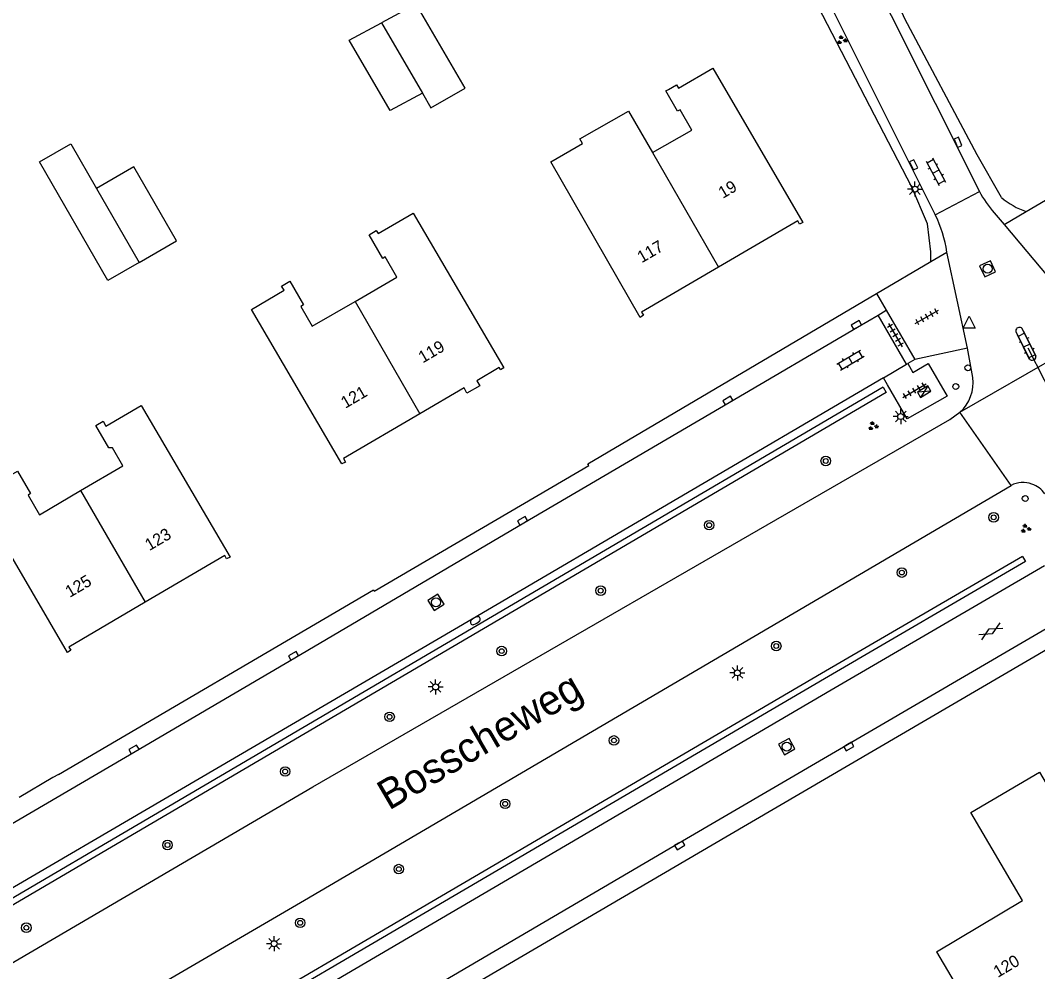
# Model space of a CAD drawing. Extents: x 135999 to 138000, y 396000 to 398501.
# Drawn here: x 136217.5 to 136302.3, y 397514.6 to 397594 of the extents above; entities that cross this region are included whole.
import ezdxf

# ---------------------------------------------------------------- set-up
doc = ezdxf.new("R2010")
doc.units = 0
for name, color, linetype in [('gg-afsc-erfafscheiding', 7, 'Continuous'), ('gg-afsc-muur', 7, 'Continuous'), ('gg-anno-huisnummerreeks BGT', 7, 'Continuous'), ('gg-anno-openbare ruimte label', 7, 'Continuous'), ('gg-bbg-gedigitaliseerde bebouwing', 7, 'Continuous'), ('gg-bbg-gedigitaliseerde bijgebouw', 7, 'Continuous'), ('gg-bbg-hoofdgebouw', 7, 'Continuous'), ('gg-bbg-tussenscheiding', 7, 'Continuous'), ('gg-knt-verharding', 7, 'Continuous'), ('gg-knt-verharding nz', 7, 'Continuous'), ('gt-grn-groengrens', 7, 'Continuous'), ('gt-grn-weggrens', 7, 'Continuous'), ('gt-knt-lijn portaal', 7, 'Continuous'), ('gt-symb-boom', 7, 'Continuous'), ('gt-symb-brandkraan', 7, 'Continuous'), ('gt-symb-drukknoppaal', 7, 'Continuous'), ('gt-symb-gesloten verharding', 7, 'Continuous'), ('gt-symb-groenvak', 7, 'Continuous'), ('gt-symb-klinker verharding', 7, 'Continuous'), ('gt-symb-kolk', 7, 'Continuous'), ('gt-symb-lichtmast', 7, 'Continuous'), ('gt-symb-rioolschacht', 7, 'Continuous'), ('gt-symb-tegel verharding', 7, 'Continuous'), ('gt-symb-verkeersregelinstallatiekast', 7, 'Continuous'), ('gt-symb-verkeersregelinstallatiepaal', 7, 'Continuous'), ('gt-symb-waterafsluiter', 7, 'Continuous')]:
    doc.layers.add(name, color=color, linetype=linetype)

# ---------------------------------------------------------------- blocks, each defined once
blk = doc.blocks.new('gt0-LMAST')
at = {"layer": 'gt-symb-lichtmast'}
for p, q in [((-0.182, 0.173), (-0.447, 0.438)), ((-0.005, 0.246), (-0.005, 0.621)), ((0.172, 0.173), (0.437, 0.438)), ((-0.255, -0.004), (-0.63, -0.004)), ((-0.182, -0.181), (-0.447, -0.446)), ((-0.005, -0.254), (-0.005, -0.629)), ((0.437, -0.446), (0.172, -0.181)), ((0.245, -0.004), (0.62, -0.004))]:
    blk.add_line(p, q, dxfattribs=at)
blk.add_circle((-0.005, -0.004), 0.25, dxfattribs=at)
blk = doc.blocks.new('gt0-KOLK')
at = {"layer": 'gt-symb-kolk'}
blk.add_lwpolyline([(0, 0), (0.375, 0), (0.375, 0.4), (-0.375, 0.4), (-0.375, 0), (0, 0)], dxfattribs=at)
blk = doc.blocks.new('gt0-BOOM')
at = {"layer": 'gt-symb-boom'}
for radius in [0.4, 0.2]:
    blk.add_circle((0, 0), radius, dxfattribs=at)
blk = doc.blocks.new('gt0-BR')
at = {"layer": 'gt-symb-brandkraan'}
for centre, radius, start, end in [((-0.244, 0), 0.206, 107.56694, 252.43307), ((0.599, -2.664), 3, 106.89205, 107.56694), ((0, -0.691), 0.938, 73.10799, 106.89205), ((-0.599, -2.664), 3, 72.43309, 73.10799), ((0.244, 0), 0.206, 287.56695, 72.43309), ((0.599, 2.664), 3, 252.43307, 253.10797), ((0, 0.691), 0.938, 253.10797, 286.89206), ((-0.599, 2.664), 3, 286.89206, 287.56695)]:
    blk.add_arc(centre, radius, start, end, dxfattribs=at)
blk = doc.blocks.new('gt0-RS')
at = {"layer": 'gt-symb-rioolschacht'}
blk.add_lwpolyline([(-0.5, -0.5), (0.5, -0.5), (0.5, 0.5), (-0.5, 0.5)], close=True, dxfattribs=at)
blk.add_circle((0, 0), 0.375, dxfattribs=at)
blk = doc.blocks.new('gt0-KL1')
at = {"layer": 'gt-symb-klinker verharding'}
for p, q in [((-1.15, 0.3), (1.15, 0.3)), ((-1, -0.3), (-1, 0.3)), ((-0.5, 0.3), (-0.5, 0.45)), ((0, -0.3), (0, 0.3)), ((0.5, 0.3), (0.5, 0.45)), ((1, -0.3), (1, 0.3)), ((-1.15, -0.3), (1.15, -0.3)), ((-0.5, -0.45), (-0.5, -0.3)), ((0.5, -0.45), (0.5, -0.3))]:
    blk.add_line(p, q, dxfattribs=at)
blk = doc.blocks.new('gt0-GRVAK')
at = {"layer": 'gt-symb-groenvak'}
for p, q in [((-0.11, 0.189), (-0.228, 0.24)), ((-0.182, 0.153), (0.088, 0.153)), ((-0.091, 0.211), (-0.156, 0.322)), ((-0.047, 0.214), (-0.047, 0.393)), ((-0.004, 0.211), (0.061, 0.322)), ((0.015, 0.189), (0.133, 0.24)), ((0.262, -0.052), (0.197, 0.059)), ((0.305, -0.049), (0.305, 0.13)), ((0.349, -0.052), (0.414, 0.059)), ((-0.245, -0.228), (-0.363, -0.177)), ((-0.318, -0.264), (-0.047, -0.264)), ((-0.226, -0.206), (-0.291, -0.095)), ((-0.183, -0.203), (-0.183, -0.024)), ((-0.139, -0.206), (-0.074, -0.095)), ((-0.12, -0.228), (-0.002, -0.177)), ((0.243, -0.074), (0.125, -0.023)), ((0.17, -0.11), (0.441, -0.11)), ((0.368, -0.074), (0.486, -0.023))]:
    blk.add_line(p, q, dxfattribs=at)
blk = doc.blocks.new('gt0-TEG1')
at = {"layer": 'gt-symb-tegel verharding'}
for p, q in [((-1.125, 0), (1.125, 0)), ((-0.9, -0.25), (-0.9, 0.25)), ((-0.45, -0.25), (-0.45, 0.25)), ((0, -0.25), (0, 0.25)), ((0.45, -0.25), (0.45, 0.25)), ((0.9, -0.25), (0.9, 0.25))]:
    blk.add_line(p, q, dxfattribs=at)
blk = doc.blocks.new('gt0-VRIKST')
at = {"layer": 'gt-symb-verkeersregelinstallatiekast'}
for p, q in [((-0.501, -0.249), (0.501, 0.249)), ((-0.501, 0.249), (0.501, -0.249))]:
    blk.add_line(p, q, dxfattribs=at)
blk.add_lwpolyline([(0.501, 0.249), (-0.501, 0.249), (-0.501, -0.249), (0.501, -0.249)], close=True, dxfattribs=at)
blk = doc.blocks.new('gt0-VIPAAL')
at = {"layer": 'gt-symb-verkeersregelinstallatiepaal'}
blk.add_circle((0, 0), 0.25, dxfattribs=at)
blk = doc.blocks.new('gt0-DPAAL')
at = {"layer": 'gt-symb-drukknoppaal'}
blk.add_circle((0, 0), 0.25, dxfattribs=at)
blk = doc.blocks.new('gt0-WAFSL')
at = {"layer": 'gt-symb-waterafsluiter'}
for p, q in [((-0.5, -0.333), (0, 0.667)), ((0, 0.667), (0.5, -0.333)), ((0.5, -0.333), (-0.5, -0.333))]:
    blk.add_line(p, q, dxfattribs=at)
blk = doc.blocks.new('gt0-GESVH1')
at = {"layer": 'gt-symb-gesloten verharding'}
for p, q in [((-0.992, -0.261), (0.008, 0.239)), ((0.008, -0.261), (-0.992, 0.239)), ((0.008, 0.239), (1.008, -0.261)), ((1.008, 0.239), (0.008, -0.261))]:
    blk.add_line(p, q, dxfattribs=at)

msp = doc.modelspace()

# ---------------------------------------------------------------- linework, layer by layer
at = {"layer": 'gg-afsc-erfafscheiding'}
msp.add_lwpolyline([(136299.322, 397579.218), (136297.294, 397582.769), (136291.263, 397594.131), (136286.071, 397605.85), (136286.036, 397605.912)], dxfattribs=at)
msp.add_arc((136303.67, 397584.456), 6.808, 230.30181, 250.39394, dxfattribs=at)
at = {"layer": 'gg-afsc-muur'}
msp.add_line((136220.626, 397531.092), (136220.154, 397530.824), dxfattribs=at)
msp.add_line((136220.626, 397531.092), (136220.154, 397530.824), dxfattribs=at)
at = {"layer": 'gg-bbg-gedigitaliseerde bebouwing'}
for points in [[(136270.21, 397582.96), (136273.494, 397584.837), (136272.52, 397586.542), (136272.303, 397586.418), (136271.332, 397588.116), (136271.55, 397588.24)], [(136269.19, 397569.22), (136261.722, 397582.196), (136264.371, 397583.71), (136264.148, 397584.101), (136268.213, 397586.422), (136270.21, 397582.96)], [(136245.389, 397570.555), (136248.872, 397572.58), (136247.898, 397574.256), (136247.702, 397574.142), (136246.554, 397576.117), (136247.156, 397576.467), (136247.303, 397576.214), (136250.23, 397577.916), (136257.79, 397565)], [(136244.28, 397556.99), (136236.731, 397569.887), (136239.461, 397571.474), (136239.256, 397571.826), (136239.955, 397572.233), (136241.096, 397570.271), (136240.853, 397570.13), (136241.814, 397568.476), (136245.389, 397570.555)], [(136222.486, 397554.766), (136226.018, 397556.841), (136225.139, 397558.337), (136224.839, 397558.341), (136223.751, 397560.193), (136224.358, 397560.55), (136224.598, 397560.142), (136227.541, 397561.871), (136234.97, 397549.21)], [(136221.4, 397541.27), (136213.986, 397553.912), (136216.74, 397555.53), (136216.488, 397555.96), (136217.207, 397556.382), (136218.306, 397554.512), (136218.095, 397554.388), (136219.056, 397552.752), (136222.486, 397554.766)]]:
    msp.add_lwpolyline(points, dxfattribs=at)
at = {"layer": 'gg-bbg-gedigitaliseerde bijgebouw'}
msp.add_line((136251.018, 397587.926), (136248.324, 397586.466), dxfattribs=at)
for points in [[(136251.018, 397587.926), (136251.722, 397586.692), (136254.563, 397588.342), (136250.49, 397595.357), (136247.601, 397593.792)], [(136248.324, 397586.466), (136244.907, 397592.333), (136247.601, 397593.792)], [(136227.363, 397573.805), (136224.756, 397572.304), (136219.058, 397582.202), (136221.665, 397583.703), (136223.815, 397579.969)], [(136227.363, 397573.805), (136230.487, 397575.604), (136226.938, 397581.768), (136223.815, 397579.969)]]:
    msp.add_lwpolyline(points, dxfattribs=at)
at = {"layer": 'gg-bbg-hoofdgebouw'}
msp.add_line((136293.904, 397516.293), (136298.866, 397507.862), dxfattribs=at)
for points in [[(136271.55, 397588.24), (136272.21, 397588.63), (136272.37, 397588.35), (136275.23, 397590.02), (136282.75, 397577.13), (136282.48, 397576.99), (136282.34, 397577.26), (136275.721, 397573.408)], [(136275.721, 397573.408), (136269.28, 397569.66), (136269.46, 397569.41), (136269.19, 397569.22)], [(136257.79, 397565), (136257.51, 397564.85), (136257.41, 397565.03), (136255.55, 397563.93), (136255.79, 397563.5), (136254.72, 397562.9), (136254.48, 397563.33), (136250.804, 397561.178)], [(136250.804, 397561.178), (136244.42, 397557.44), (136244.58, 397557.15), (136244.28, 397556.99)], [(136234.97, 397549.21), (136234.66, 397549.07), (136234.53, 397549.36), (136227.883, 397545.455)], [(136227.883, 397545.455), (136221.51, 397541.71), (136221.68, 397541.44), (136221.4, 397541.27)], [(136293.904, 397516.293), (136301.09, 397520.56), (136296.77, 397527.9), (136302.5, 397531.27), (136309.11, 397520.01), (136308.27, 397519.54)]]:
    msp.add_lwpolyline(points, dxfattribs=at)
at = {"layer": 'gg-bbg-tussenscheiding'}
for p, q in [((136247.601, 397593.792), (136251.018, 397587.926)), ((136270.21, 397582.96), (136275.721, 397573.408)), ((136223.815, 397579.969), (136227.363, 397573.805)), ((136245.389, 397570.555), (136250.804, 397561.178)), ((136222.486, 397554.766), (136227.883, 397545.455))]:
    msp.add_line(p, q, dxfattribs=at)
at = {"layer": 'gg-knt-verharding'}
for p, q in [((136280.22, 397604.943), (136293.807, 397577.785)), ((136293.807, 397577.785), (136297.485, 397579.723)), ((136301.386, 397578.043), (136304.596, 397579.951)), ((136298.73, 397577.94), (136299.552, 397576.953)), ((136299.552, 397576.953), (136301.386, 397578.043)), ((136299.552, 397576.953), (136303.916, 397571.77)), ((136293.43, 397573.873), (136294.773, 397574.664)), ((136296.485, 397566.641), (136294.773, 397574.664)), ((136288.889, 397571.197), (136293.43, 397573.873)), ((136289.032, 397569.401), (136289.7, 397569.82)), ((136291.418, 397565.301), (136289.032, 397569.401)), ((136289.7, 397569.82), (136292.102, 397565.705)), ((136300.554, 397567.95), (136301.631, 397565.804)), ((136302.173, 397566.076), (136301.094, 397568.21)), ((136296.485, 397566.641), (136292.102, 397565.705)), ((136296.938, 397564.19), (136296.485, 397566.641)), ((136289.472, 397564.165), (136291.418, 397565.301)), ((136292.102, 397565.705), (136291.528, 397565.369)), ((136289.805, 397563.592), (136289.472, 397564.165)), ((136220.154, 397530.824), (136217.351, 397529.16))]:
    msp.add_line(p, q, dxfattribs=at)
for points in [[(136284.694, 397605.187), (136286.423, 397601.803), (136297.485, 397579.723)], [(136220.626, 397531.092), (136246.918, 397546.497), (136246.984, 397546.384), (136264.898, 397556.873), (136264.817, 397557.011), (136288.889, 397571.197)], [(136154.425, 397490.434), (136206.349, 397520.892), (136227.036, 397533), (136240.353, 397540.819), (136259.458, 397552.074), (136276.592, 397562.113), (136287.318, 397568.41), (136289.032, 397569.401)], [(136291.528, 397565.369), (136291.938, 397564.629), (136293.226, 397565.374), (136294.802, 397562.651), (136291.461, 397560.739), (136289.805, 397563.592)], [(136289.472, 397564.165), (136255.148, 397544.028), (136190.063, 397505.996), (136159.324, 397487.986), (136158.494, 397487.485)], [(136161.342, 397482.899), (136241.866, 397530.062), (136295.029, 397560.706), (136295.865, 397561.3)], [(136091.553, 397433.292), (136157.176, 397471.631), (136241.16, 397520.599), (136300.126, 397555.204)], [(136302.914, 397548.497), (136285.123, 397538.124), (136201.435, 397489.115), (136159.775, 397464.794), (136128.646, 397446.572)], [(136307.801, 397544.233), (136276.314, 397525.852), (136176.445, 397467.389), (136090.677, 397416.982)], [(136130.936, 397442.567), (136166.67, 397463.468), (136201.879, 397484.038), (136272.378, 397525.338), (136305.212, 397544.512)]]:
    msp.add_lwpolyline(points, dxfattribs=at)
for centre, radius, start, end in [((136306.193, 397584.477), 9.921, 208.633, 221.21722), ((136283.815, 397572.982), 11.086, 8.72455, 25.67173), ((136300.821, 397568.087), 0.3, 24.2735, 207.1464), ((136301.901, 397565.942), 0.303, 207.07365, 26.22546), ((136293.656, 397563.764), 3.31, 311.87336, 7.38871), ((136301.127, 397553.221), 2.222, 70.41657, 116.7933), ((136301.128, 397553.222), 2.22, 35.04597, 70.43298)]:
    msp.add_arc(centre, radius, start, end, dxfattribs=at)
at = {"layer": 'gg-knt-verharding nz'}
msp.add_line((136291.418, 397565.301), (136291.528, 397565.369), dxfattribs=at)
at = {"layer": 'gt-grn-groengrens'}
msp.add_line((136291.849, 397580.09), (136279.462, 397604.02), dxfattribs=at)
for points in [[(136293.43, 397573.873), (136293.424, 397574.682), (136293.146, 397577.033), (136291.849, 397580.09)], [(136289.46, 397563.39), (136289.713, 397562.958), (136162.461, 397488.318), (136162.208, 397488.749)], [(136289.46, 397563.39), (136181.39, 397500), (136162.208, 397488.749)], [(136301.077, 397549.278), (136284.316, 397539.505), (136200.627, 397490.496), (136158.968, 397466.175), (136127.838, 397447.953)], [(136301.077, 397549.278), (136301.329, 397548.846), (136284.568, 397539.074), (136200.88, 397490.065), (136159.22, 397465.744), (136128.09, 397447.521)]]:
    msp.add_lwpolyline(points, dxfattribs=at)
at = {"layer": 'gt-grn-weggrens'}
for p, q in [((136288.889, 397571.197), (136289.7, 397569.82)), ((136295.865, 397561.3), (136308.793, 397568.74)), ((136300.126, 397555.204), (136295.865, 397561.3))]:
    msp.add_line(p, q, dxfattribs=at)
at = {"layer": 'gt-knt-lijn portaal'}
msp.add_line((136306.592, 397556.747), (136301.566, 397566.642), dxfattribs=at)

# ---------------------------------------------------------------- block references
at = {"layer": 'gt-symb-boom'}
for p in [(136284.666, 397557.237), (136274.937, 397551.88), (136298.679, 397552.534), (136291.016, 397547.927), (136265.882, 397546.419), (136280.534, 397541.798), (136257.623, 397541.377), (136248.265, 397535.893), (136266.99, 397533.921), (136239.555, 397531.332), (136257.912, 397528.63), (136229.732, 397525.197), (136249.036, 397523.188), (136240.805, 397518.705), (136217.957, 397518.298)]:
    msp.add_blockref('gt0-BOOM', p, dxfattribs=at)
at = {"layer": 'gt-symb-brandkraan', "rotation": -148.1221835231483}
msp.add_blockref('gt0-BR', (136255.423, 397543.911), dxfattribs=at)
at = {"layer": 'gt-symb-drukknoppaal', "rotation": -152.39555268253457}
msp.add_blockref('gt0-DPAAL', (136296.525, 397565.008), dxfattribs=at)
at = {"layer": 'gt-symb-gesloten verharding', "rotation": 29.616909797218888}
msp.add_blockref('gt0-GESVH1', (136298.425, 397543.028), dxfattribs=at)
at = {"layer": 'gt-symb-groenvak'}
for p in [(136286.003, 397592.348), (136288.611, 397560.15), (136301.348, 397551.589)]:
    msp.add_blockref('gt0-GRVAK', p, dxfattribs=at)
at = {"layer": 'gt-symb-klinker verharding'}
for p, rotation in [((136293.853, 397581.381), -61.76909817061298), ((136301.435, 397566.862), 116.28331291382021), ((136286.731, 397565.649), 30.541098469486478)]:
    msp.add_blockref('gt0-KL1', p, dxfattribs=dict(at, rotation=rotation))
at = {"layer": 'gt-symb-kolk'}
for p, rotation in [((136295.518, 397583.74), -67.04963698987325), ((136291.833, 397581.854), -63.25557979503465), ((136287.318, 397568.41), 30.050323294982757), ((136276.592, 397562.113), 30.413230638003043), ((136259.458, 397552.074), 30.384237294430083), ((136240.353, 397540.819), 30.413230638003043), ((136227.036, 397533), 30.334805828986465), ((136286.486, 397533.575), -149.7435628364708), ((136272.378, 397525.338), -149.66519417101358)]:
    msp.add_blockref('gt0-KOLK', p, dxfattribs=dict(at, rotation=rotation))
at = {"layer": 'gt-symb-lichtmast'}
for p in [(136292.115, 397579.919), (136290.927, 397560.946), (136277.3, 397539.56), (136252.114, 397538.389), (136238.635, 397516.963)]:
    msp.add_blockref('gt0-LMAST', p, dxfattribs=at)
at = {"layer": 'gt-symb-rioolschacht'}
for p, rotation in [((136298.173, 397573.273), -65.30485348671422), ((136252.14, 397545.445), 32.466799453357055), ((136281.414, 397533.407), -150.9231364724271)]:
    msp.add_blockref('gt0-RS', p, dxfattribs=dict(at, rotation=rotation))
at = {"layer": 'gt-symb-tegel verharding'}
for p, rotation in [((136293.103, 397569.261), 29.87282104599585), ((136290.474, 397567.738), -59.9496767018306), ((136292.065, 397563.103), 29.87282104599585)]:
    msp.add_blockref('gt0-TEG1', p, dxfattribs=dict(at, rotation=rotation))
at = {"layer": 'gt-symb-verkeersregelinstallatiekast', "rotation": -148.40095695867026}
msp.add_blockref('gt0-VRIKST', (136292.877, 397563.021), dxfattribs=at)
at = {"layer": 'gt-symb-verkeersregelinstallatiepaal'}
for p, rotation in [((136295.519, 397563.45), -152.39555268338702), ((136301.308, 397554.103), 30.317429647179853)]:
    msp.add_blockref('gt0-VIPAAL', p, dxfattribs=dict(at, rotation=rotation))
at = {"layer": 'gt-symb-waterafsluiter'}
msp.add_blockref('gt0-WAFSL', (136296.624, 397568.663), dxfattribs=at)

# ---------------------------------------------------------------- texts
at = {"layer": 'gg-anno-huisnummerreeks BGT'}
for s, rotation, p in [('19', 30.3, (136276.072, 397579.097)), ('117', 30.2, (136269.302, 397573.722)), ('119', 30.3, (136251.038, 397565.371)), ('121', 30.3, (136244.572, 397561.585)), ('123', 30.5, (136228.222, 397549.712)), ('125', 30.5, (136221.575, 397545.807)), ('120', 30.7, (136299.029, 397514.103))]:
    msp.add_text(s, height=1, rotation=rotation, dxfattribs=at).set_placement(p)
at = {"layer": 'gg-anno-openbare ruimte label'}
msp.add_text('Bosscheweg', height=2.5, rotation=30.3, dxfattribs=at).set_placement((136248.212, 397528.048))

doc.saveas('drawing.dxf')

··········

**Exercise description:** Pictures stay out. Transcribe the lines from the start of the entries above through the line with "doc.units = 0", exactly.

**Response:**
# Model space of a CAD drawing. Extents: x 135999 to 138000, y 396000 to 398501.
# Drawn here: x 136217.5 to 136302.3, y 397514.6 to 397594 of the extents above; entities that cross this region are included whole.
import ezdxf

# ---------------------------------------------------------------- set-up
doc = ezdxf.new("R2010")
doc.units = 0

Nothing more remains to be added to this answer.